# [Work to be completed]
Wherever a line of the data contains "Products", copy that line.
Start of Excerpted records
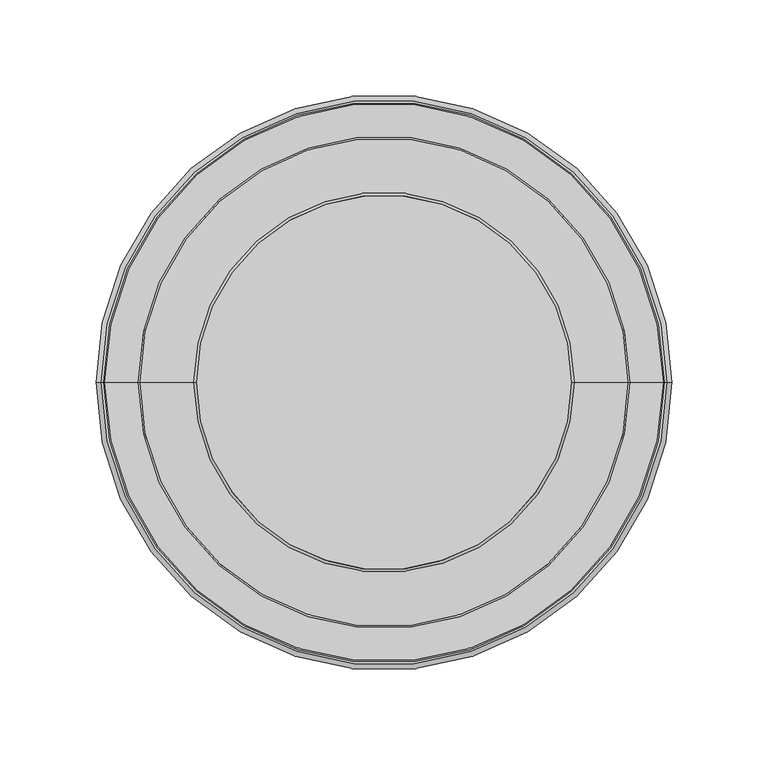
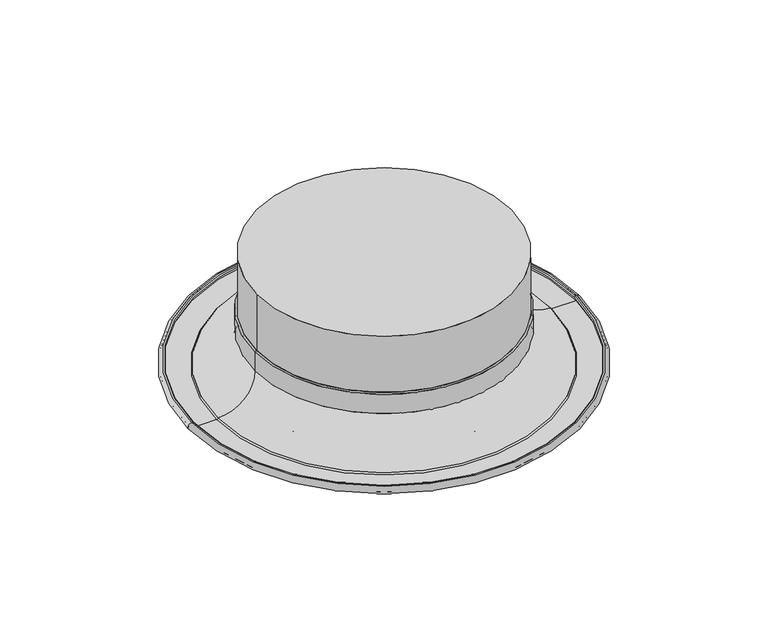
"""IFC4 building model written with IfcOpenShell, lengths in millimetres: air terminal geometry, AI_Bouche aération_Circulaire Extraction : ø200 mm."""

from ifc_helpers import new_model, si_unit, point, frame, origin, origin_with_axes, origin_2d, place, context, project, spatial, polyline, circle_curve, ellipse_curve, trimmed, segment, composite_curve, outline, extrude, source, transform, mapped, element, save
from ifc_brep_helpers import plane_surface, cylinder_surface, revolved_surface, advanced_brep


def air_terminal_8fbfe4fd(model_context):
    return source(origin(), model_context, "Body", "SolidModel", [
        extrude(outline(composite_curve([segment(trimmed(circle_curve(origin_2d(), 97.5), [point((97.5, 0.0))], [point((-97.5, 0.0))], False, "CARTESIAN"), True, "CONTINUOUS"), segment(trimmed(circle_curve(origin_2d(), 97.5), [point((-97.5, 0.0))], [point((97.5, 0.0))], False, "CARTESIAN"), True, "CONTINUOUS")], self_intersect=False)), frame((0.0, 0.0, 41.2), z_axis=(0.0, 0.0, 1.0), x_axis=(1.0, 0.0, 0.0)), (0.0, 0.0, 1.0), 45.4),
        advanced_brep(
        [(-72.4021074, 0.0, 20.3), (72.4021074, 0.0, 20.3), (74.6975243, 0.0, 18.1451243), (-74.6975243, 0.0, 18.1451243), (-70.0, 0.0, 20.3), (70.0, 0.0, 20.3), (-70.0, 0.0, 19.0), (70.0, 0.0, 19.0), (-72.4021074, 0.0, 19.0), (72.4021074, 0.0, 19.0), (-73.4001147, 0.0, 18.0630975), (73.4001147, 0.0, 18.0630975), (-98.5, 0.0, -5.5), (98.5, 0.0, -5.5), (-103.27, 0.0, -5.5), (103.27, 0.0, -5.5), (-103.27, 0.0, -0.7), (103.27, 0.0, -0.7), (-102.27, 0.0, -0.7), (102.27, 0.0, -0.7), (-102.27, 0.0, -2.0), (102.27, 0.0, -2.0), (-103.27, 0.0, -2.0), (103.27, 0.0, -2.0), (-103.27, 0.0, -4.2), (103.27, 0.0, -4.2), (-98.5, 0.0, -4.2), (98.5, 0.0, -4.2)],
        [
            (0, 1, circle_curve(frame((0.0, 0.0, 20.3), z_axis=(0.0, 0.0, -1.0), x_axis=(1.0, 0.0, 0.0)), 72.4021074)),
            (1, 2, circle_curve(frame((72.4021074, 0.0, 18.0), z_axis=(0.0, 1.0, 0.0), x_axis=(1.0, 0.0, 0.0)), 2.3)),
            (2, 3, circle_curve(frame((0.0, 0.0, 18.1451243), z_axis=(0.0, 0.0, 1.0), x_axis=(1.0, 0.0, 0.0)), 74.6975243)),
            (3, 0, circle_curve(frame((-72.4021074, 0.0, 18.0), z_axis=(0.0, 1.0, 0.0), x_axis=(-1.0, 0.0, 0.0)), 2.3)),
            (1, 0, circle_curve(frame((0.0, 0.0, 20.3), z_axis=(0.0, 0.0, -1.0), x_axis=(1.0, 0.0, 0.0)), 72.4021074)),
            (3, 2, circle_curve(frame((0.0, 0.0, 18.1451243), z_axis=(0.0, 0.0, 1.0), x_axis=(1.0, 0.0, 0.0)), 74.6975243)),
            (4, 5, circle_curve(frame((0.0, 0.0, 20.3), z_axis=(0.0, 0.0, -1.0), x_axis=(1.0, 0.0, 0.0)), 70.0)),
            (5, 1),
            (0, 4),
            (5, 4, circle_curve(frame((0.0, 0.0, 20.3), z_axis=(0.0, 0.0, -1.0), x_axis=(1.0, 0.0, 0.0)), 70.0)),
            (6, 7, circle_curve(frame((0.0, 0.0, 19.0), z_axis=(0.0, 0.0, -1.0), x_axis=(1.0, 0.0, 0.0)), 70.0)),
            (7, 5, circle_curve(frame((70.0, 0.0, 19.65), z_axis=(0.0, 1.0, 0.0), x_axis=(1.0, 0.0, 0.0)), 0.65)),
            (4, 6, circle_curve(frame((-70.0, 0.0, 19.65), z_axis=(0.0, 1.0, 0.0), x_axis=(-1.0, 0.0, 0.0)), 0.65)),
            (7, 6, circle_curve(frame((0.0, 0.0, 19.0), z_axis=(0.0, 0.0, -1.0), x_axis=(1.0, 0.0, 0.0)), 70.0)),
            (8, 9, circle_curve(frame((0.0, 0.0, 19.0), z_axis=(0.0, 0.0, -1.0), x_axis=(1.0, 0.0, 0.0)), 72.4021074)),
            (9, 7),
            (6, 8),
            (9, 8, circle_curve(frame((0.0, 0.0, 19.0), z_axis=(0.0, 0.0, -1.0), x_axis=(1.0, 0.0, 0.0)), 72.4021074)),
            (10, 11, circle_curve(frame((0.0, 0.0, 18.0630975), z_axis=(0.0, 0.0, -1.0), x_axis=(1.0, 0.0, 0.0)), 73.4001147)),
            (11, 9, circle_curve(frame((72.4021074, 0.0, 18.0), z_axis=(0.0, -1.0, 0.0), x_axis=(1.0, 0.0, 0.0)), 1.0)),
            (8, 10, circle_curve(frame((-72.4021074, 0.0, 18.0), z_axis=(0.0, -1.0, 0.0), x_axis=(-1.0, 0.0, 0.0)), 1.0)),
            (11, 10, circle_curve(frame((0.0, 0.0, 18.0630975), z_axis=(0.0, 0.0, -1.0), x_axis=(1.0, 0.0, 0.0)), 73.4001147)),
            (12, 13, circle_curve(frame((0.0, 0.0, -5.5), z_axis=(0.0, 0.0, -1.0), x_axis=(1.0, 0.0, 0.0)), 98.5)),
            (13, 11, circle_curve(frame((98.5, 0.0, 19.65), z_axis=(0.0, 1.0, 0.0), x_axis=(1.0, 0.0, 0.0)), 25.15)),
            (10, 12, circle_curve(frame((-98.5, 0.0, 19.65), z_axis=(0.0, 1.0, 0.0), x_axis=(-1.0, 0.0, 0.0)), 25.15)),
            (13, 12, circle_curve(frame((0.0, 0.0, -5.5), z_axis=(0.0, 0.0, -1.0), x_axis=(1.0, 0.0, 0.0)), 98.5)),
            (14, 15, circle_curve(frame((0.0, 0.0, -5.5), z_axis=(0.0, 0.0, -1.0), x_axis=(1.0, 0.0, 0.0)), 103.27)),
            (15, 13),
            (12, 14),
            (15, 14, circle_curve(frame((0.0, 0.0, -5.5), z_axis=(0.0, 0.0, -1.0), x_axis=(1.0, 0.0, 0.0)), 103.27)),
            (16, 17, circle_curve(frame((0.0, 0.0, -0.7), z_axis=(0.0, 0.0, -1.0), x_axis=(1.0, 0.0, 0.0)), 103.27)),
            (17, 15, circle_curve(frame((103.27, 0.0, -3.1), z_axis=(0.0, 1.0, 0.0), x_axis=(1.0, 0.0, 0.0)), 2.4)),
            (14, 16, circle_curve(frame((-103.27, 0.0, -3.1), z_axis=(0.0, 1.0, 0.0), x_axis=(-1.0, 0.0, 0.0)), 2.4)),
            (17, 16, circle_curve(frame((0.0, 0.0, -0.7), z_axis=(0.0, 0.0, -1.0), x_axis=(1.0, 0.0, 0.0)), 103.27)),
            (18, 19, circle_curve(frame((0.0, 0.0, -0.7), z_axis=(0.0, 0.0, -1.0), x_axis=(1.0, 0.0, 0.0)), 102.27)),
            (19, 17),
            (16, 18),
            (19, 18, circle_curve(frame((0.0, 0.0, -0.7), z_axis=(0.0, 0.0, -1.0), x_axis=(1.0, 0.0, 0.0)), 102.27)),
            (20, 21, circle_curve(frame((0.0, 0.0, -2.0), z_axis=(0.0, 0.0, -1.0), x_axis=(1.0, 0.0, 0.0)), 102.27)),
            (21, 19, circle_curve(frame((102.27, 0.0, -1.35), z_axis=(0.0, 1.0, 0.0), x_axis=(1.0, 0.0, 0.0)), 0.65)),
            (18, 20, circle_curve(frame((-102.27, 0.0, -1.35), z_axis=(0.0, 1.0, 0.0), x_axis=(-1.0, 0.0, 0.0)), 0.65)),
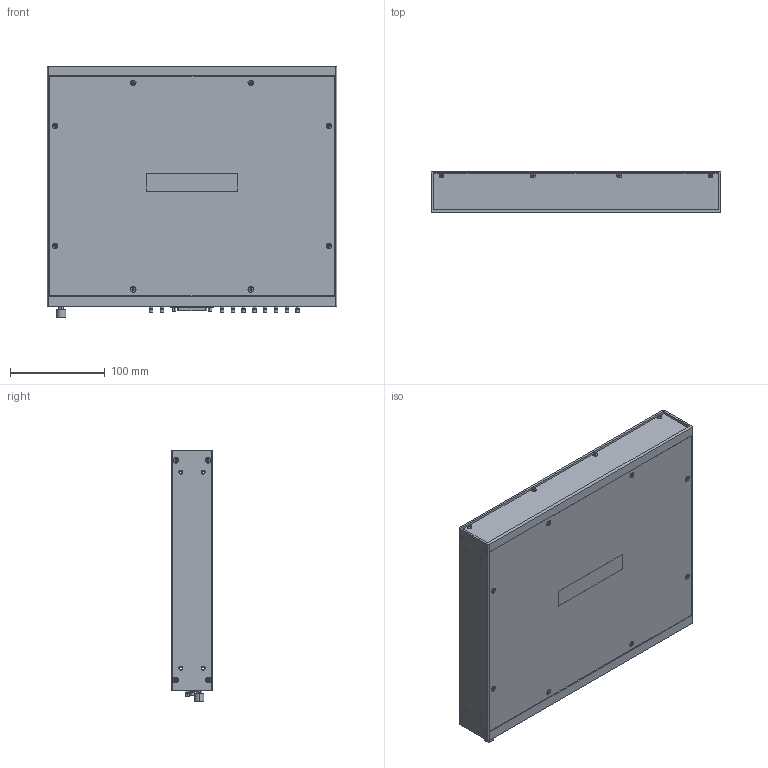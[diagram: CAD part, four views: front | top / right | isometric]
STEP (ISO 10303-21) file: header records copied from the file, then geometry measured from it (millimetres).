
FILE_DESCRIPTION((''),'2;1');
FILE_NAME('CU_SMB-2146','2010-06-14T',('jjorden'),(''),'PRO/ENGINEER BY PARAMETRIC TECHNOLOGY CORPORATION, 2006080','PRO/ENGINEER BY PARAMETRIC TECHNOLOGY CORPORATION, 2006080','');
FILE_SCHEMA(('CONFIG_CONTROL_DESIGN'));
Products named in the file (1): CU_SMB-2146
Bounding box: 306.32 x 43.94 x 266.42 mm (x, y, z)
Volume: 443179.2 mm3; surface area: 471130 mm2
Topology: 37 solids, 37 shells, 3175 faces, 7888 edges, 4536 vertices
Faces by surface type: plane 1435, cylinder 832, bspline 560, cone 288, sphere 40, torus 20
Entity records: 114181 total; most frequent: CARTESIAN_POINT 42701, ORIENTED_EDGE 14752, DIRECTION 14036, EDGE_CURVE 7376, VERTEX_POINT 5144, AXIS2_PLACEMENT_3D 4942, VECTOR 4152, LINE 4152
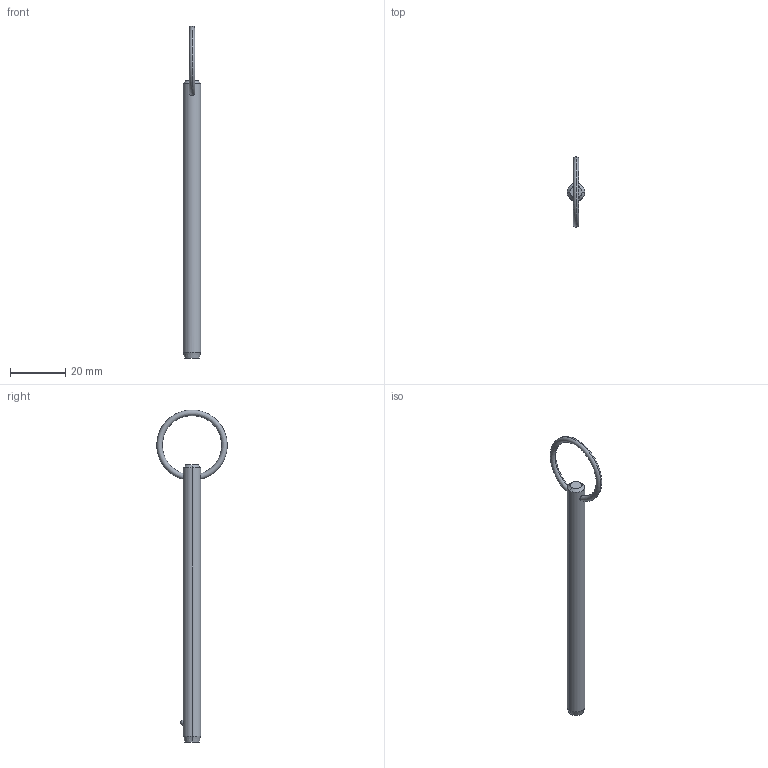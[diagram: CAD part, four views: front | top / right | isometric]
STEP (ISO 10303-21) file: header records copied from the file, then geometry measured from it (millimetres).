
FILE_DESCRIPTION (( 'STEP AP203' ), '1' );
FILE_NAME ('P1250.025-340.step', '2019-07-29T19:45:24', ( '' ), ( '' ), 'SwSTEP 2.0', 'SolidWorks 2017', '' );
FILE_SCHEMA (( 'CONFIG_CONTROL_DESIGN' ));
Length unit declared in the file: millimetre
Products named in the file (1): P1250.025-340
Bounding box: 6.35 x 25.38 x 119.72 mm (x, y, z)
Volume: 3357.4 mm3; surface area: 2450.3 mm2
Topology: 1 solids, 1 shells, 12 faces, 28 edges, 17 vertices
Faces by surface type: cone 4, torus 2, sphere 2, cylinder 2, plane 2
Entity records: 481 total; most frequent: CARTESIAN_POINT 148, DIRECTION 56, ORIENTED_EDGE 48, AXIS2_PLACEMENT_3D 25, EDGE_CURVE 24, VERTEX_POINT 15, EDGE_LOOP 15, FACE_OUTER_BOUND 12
End of Excerpted records
# [Task response]
Products named in the file (1): CU_SMB-2146
Products named in the file (1): P1250.025-340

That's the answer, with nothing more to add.